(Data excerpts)
*** Begin section ***
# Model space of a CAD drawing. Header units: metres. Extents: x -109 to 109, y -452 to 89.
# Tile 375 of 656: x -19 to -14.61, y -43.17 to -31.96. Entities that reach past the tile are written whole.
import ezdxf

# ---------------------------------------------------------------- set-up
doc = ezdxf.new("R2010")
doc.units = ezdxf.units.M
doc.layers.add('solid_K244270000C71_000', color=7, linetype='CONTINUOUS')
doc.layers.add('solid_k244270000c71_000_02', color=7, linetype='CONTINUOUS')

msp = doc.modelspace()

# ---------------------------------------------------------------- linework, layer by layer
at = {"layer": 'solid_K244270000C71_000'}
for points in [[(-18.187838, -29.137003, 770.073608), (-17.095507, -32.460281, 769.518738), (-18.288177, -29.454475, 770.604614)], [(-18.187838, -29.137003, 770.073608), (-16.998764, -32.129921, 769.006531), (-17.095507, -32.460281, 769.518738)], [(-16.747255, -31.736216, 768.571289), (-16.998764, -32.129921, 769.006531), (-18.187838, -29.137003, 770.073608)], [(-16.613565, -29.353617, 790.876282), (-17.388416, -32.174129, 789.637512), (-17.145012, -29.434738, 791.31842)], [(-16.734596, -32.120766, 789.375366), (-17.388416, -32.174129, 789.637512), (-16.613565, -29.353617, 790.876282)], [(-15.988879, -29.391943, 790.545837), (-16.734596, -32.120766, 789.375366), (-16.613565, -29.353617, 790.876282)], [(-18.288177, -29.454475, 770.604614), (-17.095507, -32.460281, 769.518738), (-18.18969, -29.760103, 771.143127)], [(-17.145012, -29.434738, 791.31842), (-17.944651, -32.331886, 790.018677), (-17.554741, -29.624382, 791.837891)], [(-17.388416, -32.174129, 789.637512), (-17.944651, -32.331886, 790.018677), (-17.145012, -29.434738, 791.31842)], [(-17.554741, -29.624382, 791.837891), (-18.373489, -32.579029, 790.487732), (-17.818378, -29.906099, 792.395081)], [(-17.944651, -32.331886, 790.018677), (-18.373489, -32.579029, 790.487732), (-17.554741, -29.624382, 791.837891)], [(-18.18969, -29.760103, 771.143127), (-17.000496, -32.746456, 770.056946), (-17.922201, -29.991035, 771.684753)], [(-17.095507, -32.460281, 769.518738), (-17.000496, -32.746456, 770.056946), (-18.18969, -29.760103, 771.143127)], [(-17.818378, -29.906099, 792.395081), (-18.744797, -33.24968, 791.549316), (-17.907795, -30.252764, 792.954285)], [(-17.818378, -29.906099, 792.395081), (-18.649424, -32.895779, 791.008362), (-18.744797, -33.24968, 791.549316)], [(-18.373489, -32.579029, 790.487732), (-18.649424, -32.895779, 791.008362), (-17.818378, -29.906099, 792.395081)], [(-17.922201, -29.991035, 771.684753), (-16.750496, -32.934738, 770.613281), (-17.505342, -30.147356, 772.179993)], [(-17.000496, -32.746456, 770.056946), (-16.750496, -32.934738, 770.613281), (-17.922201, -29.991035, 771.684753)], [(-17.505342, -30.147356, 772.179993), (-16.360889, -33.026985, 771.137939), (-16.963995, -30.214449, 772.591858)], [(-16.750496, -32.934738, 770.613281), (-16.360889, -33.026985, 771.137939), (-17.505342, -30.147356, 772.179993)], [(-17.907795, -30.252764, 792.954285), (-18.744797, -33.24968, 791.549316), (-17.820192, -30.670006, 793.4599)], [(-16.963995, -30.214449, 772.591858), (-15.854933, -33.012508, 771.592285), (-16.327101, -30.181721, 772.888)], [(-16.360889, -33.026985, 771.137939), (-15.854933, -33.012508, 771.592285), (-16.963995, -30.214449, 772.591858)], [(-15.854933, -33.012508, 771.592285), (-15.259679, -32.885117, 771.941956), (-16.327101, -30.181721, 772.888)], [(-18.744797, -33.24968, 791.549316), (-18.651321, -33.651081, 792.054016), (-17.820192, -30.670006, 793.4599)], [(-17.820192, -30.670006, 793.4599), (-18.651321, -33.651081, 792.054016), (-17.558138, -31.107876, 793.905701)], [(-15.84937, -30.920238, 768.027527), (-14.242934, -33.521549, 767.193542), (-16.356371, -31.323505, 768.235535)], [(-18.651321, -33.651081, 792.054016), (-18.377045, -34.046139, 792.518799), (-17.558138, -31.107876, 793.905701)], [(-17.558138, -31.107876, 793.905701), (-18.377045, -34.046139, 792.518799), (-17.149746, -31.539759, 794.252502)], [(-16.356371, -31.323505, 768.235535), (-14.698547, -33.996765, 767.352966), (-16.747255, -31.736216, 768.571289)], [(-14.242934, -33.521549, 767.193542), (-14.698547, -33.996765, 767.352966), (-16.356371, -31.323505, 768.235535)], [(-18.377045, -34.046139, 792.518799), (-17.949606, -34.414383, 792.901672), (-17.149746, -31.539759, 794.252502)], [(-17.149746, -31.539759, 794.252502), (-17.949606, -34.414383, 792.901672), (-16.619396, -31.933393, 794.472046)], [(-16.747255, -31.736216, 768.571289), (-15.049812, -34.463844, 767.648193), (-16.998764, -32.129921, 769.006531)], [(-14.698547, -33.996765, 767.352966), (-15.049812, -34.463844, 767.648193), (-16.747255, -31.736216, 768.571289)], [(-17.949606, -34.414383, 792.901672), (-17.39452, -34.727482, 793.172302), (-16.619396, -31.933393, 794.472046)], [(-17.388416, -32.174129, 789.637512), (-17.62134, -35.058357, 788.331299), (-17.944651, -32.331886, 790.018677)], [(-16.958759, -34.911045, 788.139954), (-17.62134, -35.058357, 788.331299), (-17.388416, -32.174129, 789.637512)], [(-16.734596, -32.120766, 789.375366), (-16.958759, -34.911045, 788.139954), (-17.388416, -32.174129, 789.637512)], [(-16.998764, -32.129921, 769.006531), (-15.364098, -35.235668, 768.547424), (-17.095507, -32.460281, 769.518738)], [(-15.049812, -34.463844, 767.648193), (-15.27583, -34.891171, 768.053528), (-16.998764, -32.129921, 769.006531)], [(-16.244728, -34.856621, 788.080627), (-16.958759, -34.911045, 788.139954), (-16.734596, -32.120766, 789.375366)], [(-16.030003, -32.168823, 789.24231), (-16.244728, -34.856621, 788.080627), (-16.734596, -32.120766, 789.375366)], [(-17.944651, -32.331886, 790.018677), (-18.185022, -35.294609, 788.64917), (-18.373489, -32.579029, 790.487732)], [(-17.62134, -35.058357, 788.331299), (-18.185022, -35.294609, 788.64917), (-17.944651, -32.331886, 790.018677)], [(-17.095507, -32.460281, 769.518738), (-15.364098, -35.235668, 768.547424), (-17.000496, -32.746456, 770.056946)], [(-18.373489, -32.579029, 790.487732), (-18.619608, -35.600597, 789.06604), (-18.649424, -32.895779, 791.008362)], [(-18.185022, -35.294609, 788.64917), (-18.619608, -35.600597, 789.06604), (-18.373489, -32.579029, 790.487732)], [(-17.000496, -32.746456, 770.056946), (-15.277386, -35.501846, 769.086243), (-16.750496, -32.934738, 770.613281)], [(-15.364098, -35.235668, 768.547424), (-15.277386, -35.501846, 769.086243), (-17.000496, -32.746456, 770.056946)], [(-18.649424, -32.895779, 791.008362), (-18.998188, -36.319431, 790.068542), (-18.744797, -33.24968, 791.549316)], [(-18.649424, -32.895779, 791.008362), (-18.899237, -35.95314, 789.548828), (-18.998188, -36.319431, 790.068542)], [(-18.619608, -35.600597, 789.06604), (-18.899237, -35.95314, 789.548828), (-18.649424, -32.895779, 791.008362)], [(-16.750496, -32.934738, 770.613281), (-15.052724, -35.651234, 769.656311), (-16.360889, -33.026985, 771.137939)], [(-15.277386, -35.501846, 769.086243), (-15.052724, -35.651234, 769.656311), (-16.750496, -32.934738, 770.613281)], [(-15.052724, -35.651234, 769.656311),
*** End section ***
What the task requires:
Reproduce exactly every line that sits between the start of the entries and the line bearing "doc.units = ezdxf.units.M", counting both of those lines.

Task response:
# Model space of a CAD drawing. Header units: metres. Extents: x -109 to 109, y -452 to 89.
# Tile 375 of 656: x -19 to -14.61, y -43.17 to -31.96. Entities that reach past the tile are written whole.
import ezdxf

# ---------------------------------------------------------------- set-up
doc = ezdxf.new("R2010")
doc.units = ezdxf.units.M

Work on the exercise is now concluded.